Data excerpts:
□ □ □ □

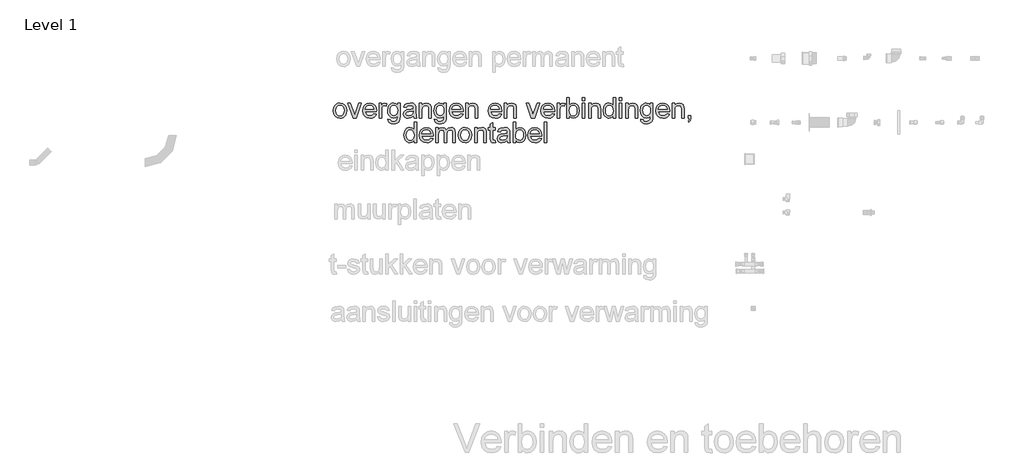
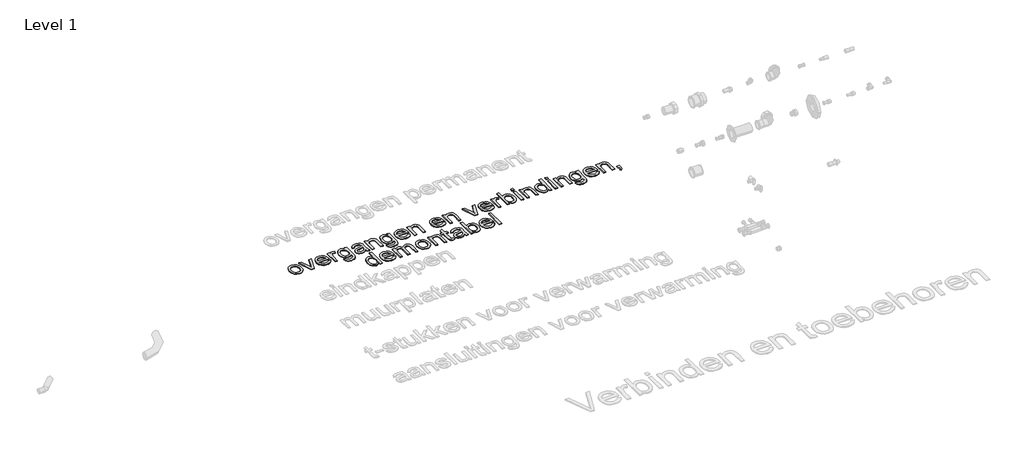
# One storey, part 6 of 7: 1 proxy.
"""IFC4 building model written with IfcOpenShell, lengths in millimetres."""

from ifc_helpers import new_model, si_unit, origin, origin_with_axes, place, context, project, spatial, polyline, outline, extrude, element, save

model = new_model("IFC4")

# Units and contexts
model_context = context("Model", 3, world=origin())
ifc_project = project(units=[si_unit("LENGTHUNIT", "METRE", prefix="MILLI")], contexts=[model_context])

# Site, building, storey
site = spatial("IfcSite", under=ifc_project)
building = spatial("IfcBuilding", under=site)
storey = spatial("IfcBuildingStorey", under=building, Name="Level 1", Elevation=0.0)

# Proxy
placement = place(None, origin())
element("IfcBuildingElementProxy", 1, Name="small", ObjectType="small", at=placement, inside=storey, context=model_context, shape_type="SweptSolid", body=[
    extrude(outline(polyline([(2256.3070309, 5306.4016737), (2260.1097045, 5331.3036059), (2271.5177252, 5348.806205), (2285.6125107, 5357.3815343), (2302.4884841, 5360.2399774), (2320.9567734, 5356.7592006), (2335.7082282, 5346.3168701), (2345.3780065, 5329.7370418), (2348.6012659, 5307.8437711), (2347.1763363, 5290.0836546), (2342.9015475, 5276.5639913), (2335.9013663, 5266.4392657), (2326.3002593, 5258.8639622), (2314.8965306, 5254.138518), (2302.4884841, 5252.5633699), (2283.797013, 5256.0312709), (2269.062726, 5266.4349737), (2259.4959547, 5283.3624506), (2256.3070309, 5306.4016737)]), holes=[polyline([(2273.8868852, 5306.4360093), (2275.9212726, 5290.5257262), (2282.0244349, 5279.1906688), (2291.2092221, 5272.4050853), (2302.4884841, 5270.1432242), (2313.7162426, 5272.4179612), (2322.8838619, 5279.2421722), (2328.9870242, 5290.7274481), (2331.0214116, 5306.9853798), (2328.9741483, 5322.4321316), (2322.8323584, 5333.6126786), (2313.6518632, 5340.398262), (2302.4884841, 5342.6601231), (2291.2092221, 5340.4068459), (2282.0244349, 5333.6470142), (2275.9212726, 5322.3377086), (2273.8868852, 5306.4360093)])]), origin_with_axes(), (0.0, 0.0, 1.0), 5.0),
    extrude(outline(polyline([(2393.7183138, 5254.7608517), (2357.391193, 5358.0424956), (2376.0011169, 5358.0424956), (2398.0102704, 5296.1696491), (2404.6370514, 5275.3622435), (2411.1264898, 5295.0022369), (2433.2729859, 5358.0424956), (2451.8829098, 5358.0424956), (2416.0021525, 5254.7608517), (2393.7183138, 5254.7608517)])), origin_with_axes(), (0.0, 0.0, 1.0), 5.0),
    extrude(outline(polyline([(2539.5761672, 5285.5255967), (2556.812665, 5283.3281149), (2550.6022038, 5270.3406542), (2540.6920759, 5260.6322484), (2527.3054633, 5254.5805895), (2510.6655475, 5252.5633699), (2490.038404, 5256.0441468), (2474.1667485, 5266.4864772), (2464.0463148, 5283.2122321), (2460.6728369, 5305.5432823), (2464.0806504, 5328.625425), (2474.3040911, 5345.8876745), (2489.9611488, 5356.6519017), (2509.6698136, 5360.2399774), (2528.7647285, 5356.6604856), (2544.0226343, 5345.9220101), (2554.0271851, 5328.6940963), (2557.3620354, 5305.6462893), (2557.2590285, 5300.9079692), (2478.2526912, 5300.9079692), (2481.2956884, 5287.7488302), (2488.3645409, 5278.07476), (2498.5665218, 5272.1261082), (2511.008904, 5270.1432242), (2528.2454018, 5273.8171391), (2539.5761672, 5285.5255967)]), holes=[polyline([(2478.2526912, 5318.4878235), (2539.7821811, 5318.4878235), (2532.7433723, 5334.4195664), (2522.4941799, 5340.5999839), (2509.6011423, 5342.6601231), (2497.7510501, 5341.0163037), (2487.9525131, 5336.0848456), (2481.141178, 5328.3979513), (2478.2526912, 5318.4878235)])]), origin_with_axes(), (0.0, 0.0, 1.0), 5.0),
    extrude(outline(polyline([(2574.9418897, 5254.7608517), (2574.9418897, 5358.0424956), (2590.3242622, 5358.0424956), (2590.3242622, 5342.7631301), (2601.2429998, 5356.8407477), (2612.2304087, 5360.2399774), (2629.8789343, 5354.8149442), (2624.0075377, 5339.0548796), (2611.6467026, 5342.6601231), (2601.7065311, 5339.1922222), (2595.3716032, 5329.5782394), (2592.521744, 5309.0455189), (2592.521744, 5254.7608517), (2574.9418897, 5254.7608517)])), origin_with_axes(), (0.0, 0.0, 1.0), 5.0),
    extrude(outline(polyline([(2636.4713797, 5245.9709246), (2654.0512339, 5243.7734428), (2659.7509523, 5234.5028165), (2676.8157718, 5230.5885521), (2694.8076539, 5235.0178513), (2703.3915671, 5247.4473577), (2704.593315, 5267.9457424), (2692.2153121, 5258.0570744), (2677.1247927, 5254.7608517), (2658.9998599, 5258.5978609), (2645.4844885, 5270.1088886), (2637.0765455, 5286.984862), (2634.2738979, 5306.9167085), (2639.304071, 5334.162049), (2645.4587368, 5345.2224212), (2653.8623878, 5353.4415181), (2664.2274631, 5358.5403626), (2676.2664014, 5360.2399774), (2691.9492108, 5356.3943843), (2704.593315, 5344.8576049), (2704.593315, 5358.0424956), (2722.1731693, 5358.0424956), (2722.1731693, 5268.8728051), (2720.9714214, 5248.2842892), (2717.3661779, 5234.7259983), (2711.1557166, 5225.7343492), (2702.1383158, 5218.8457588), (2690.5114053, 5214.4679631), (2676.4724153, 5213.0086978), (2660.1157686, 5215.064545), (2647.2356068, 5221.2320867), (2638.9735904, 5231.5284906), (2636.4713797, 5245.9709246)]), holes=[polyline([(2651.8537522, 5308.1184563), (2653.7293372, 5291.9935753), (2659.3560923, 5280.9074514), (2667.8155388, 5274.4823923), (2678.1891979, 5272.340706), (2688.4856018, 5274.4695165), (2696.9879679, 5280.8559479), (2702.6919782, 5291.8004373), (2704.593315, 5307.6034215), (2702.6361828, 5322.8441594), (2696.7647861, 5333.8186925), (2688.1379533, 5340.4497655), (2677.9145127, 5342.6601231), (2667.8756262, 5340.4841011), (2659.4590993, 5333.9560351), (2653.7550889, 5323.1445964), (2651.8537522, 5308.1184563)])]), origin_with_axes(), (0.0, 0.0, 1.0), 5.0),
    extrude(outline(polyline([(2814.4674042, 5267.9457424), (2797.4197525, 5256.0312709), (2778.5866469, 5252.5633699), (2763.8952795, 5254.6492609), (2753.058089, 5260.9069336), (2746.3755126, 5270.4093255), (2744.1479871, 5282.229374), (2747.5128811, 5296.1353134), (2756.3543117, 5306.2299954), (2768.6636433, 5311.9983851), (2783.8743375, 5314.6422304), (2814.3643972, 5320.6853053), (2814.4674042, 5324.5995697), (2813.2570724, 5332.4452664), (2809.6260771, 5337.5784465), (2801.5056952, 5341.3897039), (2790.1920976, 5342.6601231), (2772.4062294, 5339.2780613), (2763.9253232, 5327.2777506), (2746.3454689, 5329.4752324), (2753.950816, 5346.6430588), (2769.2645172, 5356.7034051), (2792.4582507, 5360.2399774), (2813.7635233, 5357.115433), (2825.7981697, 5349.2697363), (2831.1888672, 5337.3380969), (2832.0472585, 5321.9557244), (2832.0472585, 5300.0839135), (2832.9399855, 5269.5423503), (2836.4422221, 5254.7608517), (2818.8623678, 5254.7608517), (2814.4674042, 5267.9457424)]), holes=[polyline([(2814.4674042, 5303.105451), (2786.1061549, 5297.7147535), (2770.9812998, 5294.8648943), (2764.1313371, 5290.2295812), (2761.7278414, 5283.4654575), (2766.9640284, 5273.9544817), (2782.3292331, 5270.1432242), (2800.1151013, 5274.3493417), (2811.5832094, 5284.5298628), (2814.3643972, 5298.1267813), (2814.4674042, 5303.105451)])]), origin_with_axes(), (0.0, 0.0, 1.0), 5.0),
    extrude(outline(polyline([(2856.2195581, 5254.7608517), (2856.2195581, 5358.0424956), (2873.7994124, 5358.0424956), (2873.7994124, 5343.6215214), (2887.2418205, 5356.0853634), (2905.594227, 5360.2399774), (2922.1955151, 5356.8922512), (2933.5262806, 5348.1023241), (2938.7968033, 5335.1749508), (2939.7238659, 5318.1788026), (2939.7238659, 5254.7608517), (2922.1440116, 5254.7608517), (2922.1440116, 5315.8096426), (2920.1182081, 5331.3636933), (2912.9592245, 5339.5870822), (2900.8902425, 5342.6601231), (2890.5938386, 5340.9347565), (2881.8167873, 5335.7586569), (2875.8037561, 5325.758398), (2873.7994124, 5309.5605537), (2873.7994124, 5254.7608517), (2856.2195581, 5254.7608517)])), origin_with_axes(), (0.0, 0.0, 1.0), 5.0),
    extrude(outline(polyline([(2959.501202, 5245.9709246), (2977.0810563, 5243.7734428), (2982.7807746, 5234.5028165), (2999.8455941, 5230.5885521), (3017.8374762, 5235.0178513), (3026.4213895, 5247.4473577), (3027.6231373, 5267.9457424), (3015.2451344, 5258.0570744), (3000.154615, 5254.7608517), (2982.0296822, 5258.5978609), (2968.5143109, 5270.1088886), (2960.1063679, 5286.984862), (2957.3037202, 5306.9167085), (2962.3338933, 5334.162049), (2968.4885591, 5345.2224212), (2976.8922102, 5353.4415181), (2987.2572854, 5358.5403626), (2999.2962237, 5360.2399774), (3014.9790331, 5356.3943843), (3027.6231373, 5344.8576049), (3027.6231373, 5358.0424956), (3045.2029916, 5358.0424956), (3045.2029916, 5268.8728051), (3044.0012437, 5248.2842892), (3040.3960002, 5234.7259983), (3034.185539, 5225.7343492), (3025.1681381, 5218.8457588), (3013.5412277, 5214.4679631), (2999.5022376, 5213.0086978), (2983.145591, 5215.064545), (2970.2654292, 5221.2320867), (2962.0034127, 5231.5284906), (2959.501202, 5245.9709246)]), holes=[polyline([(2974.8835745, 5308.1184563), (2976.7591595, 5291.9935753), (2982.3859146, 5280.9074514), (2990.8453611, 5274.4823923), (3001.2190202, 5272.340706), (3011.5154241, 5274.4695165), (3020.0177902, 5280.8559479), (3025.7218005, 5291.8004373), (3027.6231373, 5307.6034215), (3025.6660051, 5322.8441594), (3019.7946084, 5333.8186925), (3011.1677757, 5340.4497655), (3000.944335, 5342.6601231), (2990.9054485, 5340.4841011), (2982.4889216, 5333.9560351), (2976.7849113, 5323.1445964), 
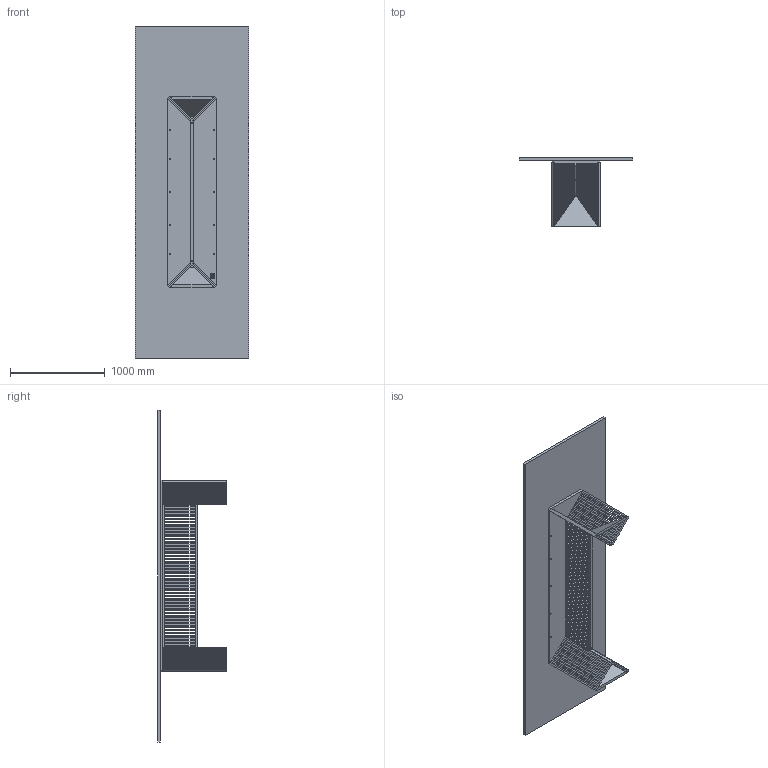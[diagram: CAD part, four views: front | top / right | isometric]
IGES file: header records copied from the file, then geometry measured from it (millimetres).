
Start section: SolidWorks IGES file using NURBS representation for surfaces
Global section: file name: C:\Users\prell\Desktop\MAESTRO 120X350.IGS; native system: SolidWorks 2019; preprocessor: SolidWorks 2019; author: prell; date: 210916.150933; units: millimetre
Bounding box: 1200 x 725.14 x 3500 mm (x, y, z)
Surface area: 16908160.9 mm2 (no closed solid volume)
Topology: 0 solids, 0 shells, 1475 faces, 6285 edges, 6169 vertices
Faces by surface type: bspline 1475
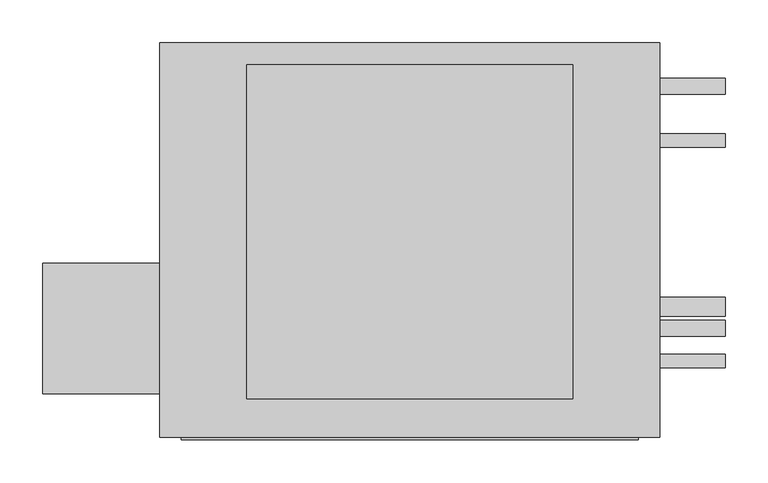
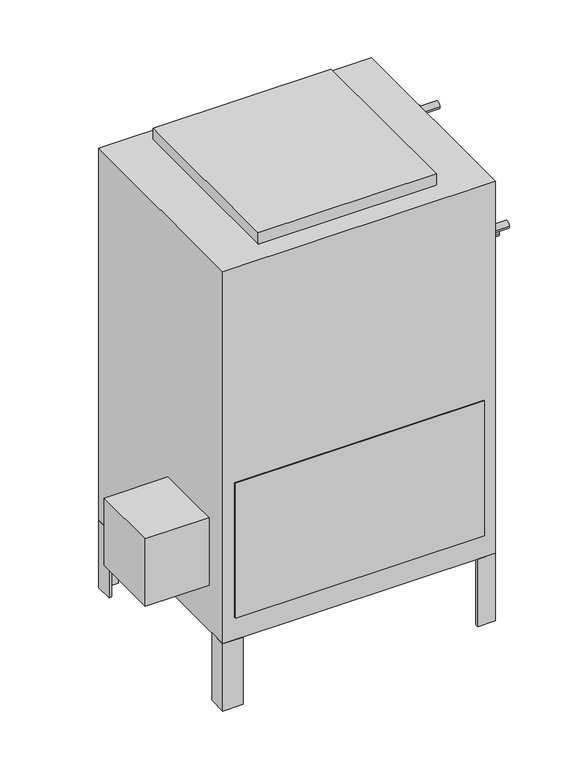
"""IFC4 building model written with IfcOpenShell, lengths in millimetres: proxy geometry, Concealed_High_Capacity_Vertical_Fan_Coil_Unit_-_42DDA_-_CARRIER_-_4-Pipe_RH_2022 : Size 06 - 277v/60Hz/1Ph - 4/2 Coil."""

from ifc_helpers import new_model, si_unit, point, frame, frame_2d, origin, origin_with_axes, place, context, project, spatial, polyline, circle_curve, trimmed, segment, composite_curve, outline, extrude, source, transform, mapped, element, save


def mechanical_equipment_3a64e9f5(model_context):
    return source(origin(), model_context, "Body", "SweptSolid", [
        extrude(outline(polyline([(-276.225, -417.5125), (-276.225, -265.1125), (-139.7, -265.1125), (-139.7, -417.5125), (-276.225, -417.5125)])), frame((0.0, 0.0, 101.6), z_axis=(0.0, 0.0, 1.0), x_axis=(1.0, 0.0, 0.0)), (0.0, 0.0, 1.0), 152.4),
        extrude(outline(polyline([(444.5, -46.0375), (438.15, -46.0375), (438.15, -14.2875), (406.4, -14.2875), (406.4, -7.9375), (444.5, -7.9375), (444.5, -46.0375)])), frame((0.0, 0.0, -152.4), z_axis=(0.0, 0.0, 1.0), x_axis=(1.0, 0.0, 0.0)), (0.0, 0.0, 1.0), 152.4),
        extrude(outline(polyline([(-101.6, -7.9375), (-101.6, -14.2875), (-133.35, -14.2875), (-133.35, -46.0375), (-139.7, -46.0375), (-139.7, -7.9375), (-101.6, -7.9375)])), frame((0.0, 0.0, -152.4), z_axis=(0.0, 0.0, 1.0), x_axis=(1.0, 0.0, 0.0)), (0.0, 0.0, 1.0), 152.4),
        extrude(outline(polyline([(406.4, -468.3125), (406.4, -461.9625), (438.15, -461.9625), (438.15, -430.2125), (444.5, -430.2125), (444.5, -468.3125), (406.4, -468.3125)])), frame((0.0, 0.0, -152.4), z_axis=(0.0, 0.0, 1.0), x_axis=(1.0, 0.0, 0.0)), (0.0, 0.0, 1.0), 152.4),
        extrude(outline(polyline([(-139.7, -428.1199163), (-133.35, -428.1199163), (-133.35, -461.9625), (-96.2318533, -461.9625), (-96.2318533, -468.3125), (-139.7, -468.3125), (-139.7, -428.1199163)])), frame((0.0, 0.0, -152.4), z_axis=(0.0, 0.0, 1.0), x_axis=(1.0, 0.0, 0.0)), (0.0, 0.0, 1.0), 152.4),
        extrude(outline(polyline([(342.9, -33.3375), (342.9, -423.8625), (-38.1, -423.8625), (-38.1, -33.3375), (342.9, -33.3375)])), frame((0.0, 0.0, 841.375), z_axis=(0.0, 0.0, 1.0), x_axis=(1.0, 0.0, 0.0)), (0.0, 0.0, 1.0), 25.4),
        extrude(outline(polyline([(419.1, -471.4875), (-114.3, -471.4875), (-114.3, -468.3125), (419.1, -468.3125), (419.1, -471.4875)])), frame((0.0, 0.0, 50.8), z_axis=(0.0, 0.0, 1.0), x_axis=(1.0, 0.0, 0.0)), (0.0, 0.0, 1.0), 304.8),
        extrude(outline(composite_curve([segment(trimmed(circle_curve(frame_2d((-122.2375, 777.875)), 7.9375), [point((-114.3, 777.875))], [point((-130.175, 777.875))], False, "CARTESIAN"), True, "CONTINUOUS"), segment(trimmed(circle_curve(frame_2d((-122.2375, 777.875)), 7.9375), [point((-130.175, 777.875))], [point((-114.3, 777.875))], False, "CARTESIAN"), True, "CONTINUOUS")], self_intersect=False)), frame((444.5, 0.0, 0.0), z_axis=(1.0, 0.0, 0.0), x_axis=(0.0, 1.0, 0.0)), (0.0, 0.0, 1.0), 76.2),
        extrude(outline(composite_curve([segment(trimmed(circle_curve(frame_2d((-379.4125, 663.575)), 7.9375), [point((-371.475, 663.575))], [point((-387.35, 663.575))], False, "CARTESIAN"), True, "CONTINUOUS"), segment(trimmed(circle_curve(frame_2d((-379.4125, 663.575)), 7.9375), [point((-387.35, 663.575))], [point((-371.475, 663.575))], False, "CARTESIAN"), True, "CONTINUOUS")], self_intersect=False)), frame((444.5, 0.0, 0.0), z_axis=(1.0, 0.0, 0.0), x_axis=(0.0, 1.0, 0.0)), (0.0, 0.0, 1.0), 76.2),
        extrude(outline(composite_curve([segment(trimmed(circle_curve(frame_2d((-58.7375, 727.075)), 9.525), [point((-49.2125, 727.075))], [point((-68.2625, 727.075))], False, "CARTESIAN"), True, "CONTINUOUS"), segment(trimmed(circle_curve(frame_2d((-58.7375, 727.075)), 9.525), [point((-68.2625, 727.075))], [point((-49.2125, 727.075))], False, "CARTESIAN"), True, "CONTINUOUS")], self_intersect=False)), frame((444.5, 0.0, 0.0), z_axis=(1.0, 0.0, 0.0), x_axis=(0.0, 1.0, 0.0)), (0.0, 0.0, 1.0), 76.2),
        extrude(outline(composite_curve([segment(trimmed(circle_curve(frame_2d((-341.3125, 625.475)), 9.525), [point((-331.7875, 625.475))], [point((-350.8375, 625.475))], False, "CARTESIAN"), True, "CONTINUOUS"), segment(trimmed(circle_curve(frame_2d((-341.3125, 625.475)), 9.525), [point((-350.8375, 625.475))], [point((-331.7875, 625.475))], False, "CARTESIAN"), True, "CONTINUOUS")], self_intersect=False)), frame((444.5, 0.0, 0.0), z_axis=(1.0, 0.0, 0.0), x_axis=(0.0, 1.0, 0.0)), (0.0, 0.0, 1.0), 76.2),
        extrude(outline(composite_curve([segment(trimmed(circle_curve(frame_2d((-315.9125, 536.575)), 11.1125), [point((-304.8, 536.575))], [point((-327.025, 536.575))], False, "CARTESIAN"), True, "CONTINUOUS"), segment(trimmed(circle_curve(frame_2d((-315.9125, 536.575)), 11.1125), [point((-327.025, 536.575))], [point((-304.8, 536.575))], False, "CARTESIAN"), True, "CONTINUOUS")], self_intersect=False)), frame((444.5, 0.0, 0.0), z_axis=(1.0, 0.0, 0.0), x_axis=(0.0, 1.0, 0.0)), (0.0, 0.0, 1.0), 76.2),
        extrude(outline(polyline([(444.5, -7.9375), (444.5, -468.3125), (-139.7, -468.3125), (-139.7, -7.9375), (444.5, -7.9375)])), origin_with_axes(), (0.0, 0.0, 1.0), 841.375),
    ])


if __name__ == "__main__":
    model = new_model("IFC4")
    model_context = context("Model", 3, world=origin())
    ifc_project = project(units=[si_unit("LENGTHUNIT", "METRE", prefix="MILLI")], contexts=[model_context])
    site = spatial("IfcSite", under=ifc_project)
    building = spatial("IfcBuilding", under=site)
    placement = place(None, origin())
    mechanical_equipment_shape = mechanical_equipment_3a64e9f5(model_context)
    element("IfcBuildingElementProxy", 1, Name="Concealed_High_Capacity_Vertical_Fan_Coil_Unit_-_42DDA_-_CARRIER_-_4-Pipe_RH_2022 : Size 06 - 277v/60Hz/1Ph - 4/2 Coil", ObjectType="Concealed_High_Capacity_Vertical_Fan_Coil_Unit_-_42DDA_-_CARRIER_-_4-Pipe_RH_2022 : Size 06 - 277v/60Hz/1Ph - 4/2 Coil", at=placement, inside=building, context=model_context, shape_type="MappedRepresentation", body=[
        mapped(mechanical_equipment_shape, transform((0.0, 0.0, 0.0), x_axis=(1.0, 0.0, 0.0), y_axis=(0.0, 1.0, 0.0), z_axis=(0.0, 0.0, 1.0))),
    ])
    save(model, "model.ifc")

□ □ □ □

* **Exercise description**: Write only the number of lines in the records that contain the string "transform".

* **Your solution**: 2